Sorry I cant offer any advise. I thought I would bump this up .


----------



## cruzer101 (Aug 21, 2011)

Thanks for the bump.
I just looked at your picture of your golden. Max could be his twin they look so much alike. He has been scratching, those bumps are getting bigger, almost twice the size. Now I wish I didn't listen to others and had him neutered. Poor guy is itching at both ends.


----------



## AlanK (Jun 28, 2008)

Hopefully this is not serious. I wish I could offer more help or advise.


----------



## cruzer101 (Aug 21, 2011)

Here are a couple pics if that will help.



















Im hoping it is some kind of allergic reaction and will go away.

.


----------



## AlanK (Jun 28, 2008)

I will bump once again. I wish I could advise. Maybe give him a Benadryl until you can consult the vet.


----------



## hubbub (Jun 28, 2011)

Since the bumps are nearly twice the size they were this morning I would absolutely consider giving him a bit of benadryl and watch him closely. If they continue to markedly increase in size, I would probably take my dog to the emergency vet. 

I would also go ahead and phone your regular vet to inform them of the situation (they likely have voicemail) then phone again in the morning once they open (someone may come in early and then have time to check with the vet before you even call again).

I hope he's not also having to wear the dreaded cone


----------



## cruzer101 (Aug 21, 2011)

Thank you for your comment.

Benadryl, OK. He is about 70lbs how much should I give him?
I'll go get some now.

Although my vet is closed I called another one and asked the gal there if she heard of this being some kind of reaction to the anesthesia and she said no and gave me the number of an emergency vet in my area and said to watch his breathing.

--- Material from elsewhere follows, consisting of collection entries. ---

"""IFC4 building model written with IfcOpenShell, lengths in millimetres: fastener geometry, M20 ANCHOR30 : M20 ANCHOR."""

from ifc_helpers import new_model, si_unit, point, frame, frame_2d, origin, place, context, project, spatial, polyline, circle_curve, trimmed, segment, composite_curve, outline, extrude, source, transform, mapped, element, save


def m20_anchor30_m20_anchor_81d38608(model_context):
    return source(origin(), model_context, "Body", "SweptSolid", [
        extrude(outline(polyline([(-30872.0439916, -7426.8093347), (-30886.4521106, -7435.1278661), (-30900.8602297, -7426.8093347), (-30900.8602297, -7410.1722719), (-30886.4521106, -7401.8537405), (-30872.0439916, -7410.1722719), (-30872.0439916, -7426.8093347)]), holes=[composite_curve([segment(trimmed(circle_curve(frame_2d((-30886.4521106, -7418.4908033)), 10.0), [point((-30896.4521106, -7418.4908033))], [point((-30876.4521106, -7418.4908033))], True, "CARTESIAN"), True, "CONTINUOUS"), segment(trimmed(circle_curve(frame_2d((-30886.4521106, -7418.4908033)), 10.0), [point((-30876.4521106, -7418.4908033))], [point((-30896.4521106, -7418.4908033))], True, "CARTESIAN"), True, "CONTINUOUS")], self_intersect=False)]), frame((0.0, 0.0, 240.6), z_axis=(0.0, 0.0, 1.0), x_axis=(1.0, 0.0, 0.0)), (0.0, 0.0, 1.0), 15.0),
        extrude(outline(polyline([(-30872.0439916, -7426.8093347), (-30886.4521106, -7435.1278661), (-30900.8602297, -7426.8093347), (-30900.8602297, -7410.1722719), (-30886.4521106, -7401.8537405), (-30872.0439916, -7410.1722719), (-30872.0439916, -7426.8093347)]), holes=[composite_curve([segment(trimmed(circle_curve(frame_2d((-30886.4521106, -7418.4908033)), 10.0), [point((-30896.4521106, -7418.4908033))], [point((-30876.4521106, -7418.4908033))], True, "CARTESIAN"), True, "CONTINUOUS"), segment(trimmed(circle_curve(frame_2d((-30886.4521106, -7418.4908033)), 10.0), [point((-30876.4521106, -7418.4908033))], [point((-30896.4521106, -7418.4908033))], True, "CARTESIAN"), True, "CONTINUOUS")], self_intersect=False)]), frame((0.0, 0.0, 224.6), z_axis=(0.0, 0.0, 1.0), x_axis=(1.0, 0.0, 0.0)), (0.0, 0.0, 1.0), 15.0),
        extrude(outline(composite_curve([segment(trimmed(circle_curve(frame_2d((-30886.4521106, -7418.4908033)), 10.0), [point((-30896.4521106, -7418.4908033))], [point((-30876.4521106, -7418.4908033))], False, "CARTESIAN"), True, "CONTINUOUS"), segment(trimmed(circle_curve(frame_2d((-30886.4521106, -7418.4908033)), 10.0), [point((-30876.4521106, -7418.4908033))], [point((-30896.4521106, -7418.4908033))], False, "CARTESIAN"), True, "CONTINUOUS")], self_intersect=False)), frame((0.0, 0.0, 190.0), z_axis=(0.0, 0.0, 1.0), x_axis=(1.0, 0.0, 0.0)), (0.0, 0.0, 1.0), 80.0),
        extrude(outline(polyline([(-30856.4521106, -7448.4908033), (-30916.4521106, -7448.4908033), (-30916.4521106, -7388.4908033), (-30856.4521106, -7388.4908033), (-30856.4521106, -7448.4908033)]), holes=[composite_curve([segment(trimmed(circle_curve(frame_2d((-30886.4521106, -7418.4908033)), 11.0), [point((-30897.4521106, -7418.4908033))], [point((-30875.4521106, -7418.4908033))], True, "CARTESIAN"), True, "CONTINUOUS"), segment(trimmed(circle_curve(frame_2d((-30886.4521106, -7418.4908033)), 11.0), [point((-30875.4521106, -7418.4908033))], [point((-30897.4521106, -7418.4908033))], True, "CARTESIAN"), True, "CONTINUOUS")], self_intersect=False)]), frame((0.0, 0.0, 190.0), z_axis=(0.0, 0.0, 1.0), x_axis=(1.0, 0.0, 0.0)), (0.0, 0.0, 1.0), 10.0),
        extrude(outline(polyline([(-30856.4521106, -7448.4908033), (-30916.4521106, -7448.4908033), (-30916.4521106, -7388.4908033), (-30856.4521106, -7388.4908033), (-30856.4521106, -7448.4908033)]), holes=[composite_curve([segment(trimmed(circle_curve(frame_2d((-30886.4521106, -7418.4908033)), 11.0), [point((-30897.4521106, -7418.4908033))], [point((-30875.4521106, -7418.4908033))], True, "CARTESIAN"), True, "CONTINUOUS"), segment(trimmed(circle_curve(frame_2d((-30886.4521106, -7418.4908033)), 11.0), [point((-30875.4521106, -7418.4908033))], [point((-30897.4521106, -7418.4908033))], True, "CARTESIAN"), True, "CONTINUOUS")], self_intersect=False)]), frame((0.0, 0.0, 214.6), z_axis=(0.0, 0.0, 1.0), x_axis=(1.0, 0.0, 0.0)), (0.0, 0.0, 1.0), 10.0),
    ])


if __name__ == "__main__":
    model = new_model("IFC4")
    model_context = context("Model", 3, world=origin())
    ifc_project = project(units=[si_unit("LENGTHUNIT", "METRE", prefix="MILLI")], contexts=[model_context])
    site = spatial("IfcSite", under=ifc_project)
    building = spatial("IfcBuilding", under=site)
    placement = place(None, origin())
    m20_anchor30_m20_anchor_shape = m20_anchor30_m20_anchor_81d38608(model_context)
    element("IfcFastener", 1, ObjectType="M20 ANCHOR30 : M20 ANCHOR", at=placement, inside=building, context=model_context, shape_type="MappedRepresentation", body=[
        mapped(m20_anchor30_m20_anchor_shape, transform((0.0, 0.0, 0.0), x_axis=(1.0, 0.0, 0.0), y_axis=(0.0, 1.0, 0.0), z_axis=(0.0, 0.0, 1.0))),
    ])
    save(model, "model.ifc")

If it gets bad then take him in. He's just not the same dog since I got him back and it pains me to see him this way. He just stands there with his rump against my leg and his head drooping or rests it on the table most of the time. Boy am I glad I never had kids.

Oh and no, I have an e-collar for him but I keep a close eye on him and he only licks at the sutures every once in a while. I fear it will get worse in the next couple days so we are ready for that anyway.


----------



## hubbub (Jun 28, 2011)

I think the dosing is 1 mg per pound. HOWEVER, since I'm not a vet and didn't record that in my girl's records, I would probably give 1-2 and hopefully that will help. It might also make him sleepy which will help if he's bothering the other end.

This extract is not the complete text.